[[ Provided entries open ]]

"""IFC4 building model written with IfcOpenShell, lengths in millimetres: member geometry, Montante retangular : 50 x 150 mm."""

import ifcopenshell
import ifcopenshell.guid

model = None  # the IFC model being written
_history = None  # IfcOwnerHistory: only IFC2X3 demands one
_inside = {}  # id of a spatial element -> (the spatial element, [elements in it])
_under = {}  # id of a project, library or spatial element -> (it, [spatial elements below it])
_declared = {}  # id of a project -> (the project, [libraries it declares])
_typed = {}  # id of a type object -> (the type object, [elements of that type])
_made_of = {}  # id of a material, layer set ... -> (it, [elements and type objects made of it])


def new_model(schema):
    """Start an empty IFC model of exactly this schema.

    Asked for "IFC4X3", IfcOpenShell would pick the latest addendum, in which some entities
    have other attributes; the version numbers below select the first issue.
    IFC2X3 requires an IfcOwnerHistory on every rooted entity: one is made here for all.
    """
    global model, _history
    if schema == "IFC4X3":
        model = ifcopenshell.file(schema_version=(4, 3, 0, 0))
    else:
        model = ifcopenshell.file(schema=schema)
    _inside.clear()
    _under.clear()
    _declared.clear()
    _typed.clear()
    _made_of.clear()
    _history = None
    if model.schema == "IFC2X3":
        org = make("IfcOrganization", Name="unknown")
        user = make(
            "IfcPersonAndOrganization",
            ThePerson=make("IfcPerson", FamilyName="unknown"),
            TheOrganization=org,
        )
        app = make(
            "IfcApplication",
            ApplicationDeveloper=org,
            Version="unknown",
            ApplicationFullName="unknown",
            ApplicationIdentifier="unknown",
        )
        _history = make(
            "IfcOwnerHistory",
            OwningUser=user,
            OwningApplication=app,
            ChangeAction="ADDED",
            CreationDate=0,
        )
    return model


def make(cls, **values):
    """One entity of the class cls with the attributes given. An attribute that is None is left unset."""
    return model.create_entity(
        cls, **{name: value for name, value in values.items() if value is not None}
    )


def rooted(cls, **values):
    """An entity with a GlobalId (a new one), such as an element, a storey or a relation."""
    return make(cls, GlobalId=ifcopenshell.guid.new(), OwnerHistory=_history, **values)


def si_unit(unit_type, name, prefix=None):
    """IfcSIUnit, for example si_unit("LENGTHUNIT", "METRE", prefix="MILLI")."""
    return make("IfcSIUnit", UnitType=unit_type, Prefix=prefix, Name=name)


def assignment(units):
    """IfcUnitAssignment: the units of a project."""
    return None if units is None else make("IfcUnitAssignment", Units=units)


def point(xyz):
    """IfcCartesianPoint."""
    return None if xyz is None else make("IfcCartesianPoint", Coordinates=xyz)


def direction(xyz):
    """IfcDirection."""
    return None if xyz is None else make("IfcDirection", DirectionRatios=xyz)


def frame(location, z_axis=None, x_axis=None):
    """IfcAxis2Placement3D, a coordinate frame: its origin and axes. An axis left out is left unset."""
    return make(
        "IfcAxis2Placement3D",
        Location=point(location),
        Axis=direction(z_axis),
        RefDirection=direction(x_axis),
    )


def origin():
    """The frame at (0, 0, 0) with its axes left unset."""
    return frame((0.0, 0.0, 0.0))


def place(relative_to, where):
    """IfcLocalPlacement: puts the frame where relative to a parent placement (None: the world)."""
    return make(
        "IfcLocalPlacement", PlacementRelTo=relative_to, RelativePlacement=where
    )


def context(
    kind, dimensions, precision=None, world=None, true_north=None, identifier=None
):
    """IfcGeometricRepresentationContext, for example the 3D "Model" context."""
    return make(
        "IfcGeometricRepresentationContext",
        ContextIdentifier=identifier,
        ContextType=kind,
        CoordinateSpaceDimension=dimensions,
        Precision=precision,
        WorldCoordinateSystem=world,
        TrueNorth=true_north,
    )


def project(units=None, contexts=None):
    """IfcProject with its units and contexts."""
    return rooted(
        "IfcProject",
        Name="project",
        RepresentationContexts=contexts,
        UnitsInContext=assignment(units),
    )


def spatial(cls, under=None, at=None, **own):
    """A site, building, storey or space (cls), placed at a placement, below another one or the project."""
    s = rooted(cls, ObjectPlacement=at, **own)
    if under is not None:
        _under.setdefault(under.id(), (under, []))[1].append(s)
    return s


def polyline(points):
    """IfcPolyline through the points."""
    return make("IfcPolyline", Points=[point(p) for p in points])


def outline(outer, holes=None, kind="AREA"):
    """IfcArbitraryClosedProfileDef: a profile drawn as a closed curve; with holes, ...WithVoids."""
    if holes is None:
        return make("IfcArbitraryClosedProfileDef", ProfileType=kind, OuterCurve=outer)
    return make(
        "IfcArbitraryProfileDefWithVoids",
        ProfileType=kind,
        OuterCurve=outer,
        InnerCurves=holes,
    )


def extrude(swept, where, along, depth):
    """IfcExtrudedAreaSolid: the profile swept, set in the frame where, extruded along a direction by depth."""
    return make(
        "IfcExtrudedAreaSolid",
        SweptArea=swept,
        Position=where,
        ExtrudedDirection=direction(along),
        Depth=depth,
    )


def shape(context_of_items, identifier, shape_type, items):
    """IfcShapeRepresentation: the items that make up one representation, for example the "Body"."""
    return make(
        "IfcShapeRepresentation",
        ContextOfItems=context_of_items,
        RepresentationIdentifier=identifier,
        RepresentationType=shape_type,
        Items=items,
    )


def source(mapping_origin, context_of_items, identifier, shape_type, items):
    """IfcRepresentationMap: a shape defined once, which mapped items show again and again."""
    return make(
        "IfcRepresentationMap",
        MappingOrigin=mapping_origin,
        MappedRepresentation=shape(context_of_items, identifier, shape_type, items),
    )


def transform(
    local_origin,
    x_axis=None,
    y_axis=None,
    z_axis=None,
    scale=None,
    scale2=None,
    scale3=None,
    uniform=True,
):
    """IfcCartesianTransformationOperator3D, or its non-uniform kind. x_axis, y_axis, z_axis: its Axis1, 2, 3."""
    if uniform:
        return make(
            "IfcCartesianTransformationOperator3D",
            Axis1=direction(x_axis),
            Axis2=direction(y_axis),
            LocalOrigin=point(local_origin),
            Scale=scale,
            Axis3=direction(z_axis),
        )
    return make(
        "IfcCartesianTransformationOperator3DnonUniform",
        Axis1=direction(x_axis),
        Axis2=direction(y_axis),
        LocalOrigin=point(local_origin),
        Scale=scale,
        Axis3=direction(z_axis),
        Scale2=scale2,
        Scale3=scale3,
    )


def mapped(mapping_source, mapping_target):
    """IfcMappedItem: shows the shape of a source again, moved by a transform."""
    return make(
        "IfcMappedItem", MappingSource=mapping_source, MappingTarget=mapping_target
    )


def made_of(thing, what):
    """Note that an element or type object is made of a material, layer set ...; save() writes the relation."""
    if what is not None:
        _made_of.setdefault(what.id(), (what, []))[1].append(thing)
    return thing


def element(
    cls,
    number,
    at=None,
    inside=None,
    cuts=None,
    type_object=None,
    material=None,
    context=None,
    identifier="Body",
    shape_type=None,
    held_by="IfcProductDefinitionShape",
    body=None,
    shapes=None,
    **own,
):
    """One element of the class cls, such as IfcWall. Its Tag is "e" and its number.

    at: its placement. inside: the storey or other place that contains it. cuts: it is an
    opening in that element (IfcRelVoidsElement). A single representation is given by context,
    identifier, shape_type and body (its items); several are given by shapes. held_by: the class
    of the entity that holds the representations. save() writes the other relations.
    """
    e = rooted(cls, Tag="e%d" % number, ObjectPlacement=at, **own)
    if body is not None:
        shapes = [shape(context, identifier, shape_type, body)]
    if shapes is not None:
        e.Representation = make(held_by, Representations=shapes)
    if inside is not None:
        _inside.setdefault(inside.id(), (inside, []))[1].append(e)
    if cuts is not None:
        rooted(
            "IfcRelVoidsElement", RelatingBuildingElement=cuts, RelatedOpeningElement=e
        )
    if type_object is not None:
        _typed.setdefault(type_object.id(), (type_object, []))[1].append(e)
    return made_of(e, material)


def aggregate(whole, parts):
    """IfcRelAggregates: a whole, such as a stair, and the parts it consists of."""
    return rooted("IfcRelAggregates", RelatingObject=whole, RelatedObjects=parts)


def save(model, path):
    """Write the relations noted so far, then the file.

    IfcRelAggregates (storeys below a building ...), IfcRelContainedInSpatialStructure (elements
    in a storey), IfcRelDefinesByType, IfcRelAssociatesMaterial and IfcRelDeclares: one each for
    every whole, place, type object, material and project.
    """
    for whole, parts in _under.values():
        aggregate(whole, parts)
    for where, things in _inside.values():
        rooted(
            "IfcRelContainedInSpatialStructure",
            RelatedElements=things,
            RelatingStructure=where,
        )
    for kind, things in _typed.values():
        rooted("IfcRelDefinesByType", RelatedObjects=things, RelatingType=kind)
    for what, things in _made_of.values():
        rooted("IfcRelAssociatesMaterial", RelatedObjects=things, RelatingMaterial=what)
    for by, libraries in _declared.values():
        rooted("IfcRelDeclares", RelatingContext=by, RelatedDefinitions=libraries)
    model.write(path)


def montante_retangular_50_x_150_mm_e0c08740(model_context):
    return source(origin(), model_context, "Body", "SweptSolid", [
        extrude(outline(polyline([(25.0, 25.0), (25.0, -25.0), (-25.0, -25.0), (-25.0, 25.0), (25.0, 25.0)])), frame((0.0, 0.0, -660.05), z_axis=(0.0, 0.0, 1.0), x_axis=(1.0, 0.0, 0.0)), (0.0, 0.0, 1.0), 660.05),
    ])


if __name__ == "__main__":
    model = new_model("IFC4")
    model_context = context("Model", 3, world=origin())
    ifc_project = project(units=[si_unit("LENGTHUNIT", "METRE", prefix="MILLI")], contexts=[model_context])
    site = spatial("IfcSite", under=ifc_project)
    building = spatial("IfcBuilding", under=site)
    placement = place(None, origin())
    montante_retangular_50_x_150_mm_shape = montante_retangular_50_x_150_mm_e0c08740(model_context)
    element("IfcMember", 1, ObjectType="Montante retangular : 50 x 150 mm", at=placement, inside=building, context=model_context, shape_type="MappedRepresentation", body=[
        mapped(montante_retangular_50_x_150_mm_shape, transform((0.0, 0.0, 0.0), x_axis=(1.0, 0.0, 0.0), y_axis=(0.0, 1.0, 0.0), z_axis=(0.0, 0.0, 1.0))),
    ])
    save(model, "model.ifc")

[[ Provided entries closed ]]

» What this task involves
Give the number of lines in the data that contain the string "IfcDirection" and nothing more.

» Exercise answer
2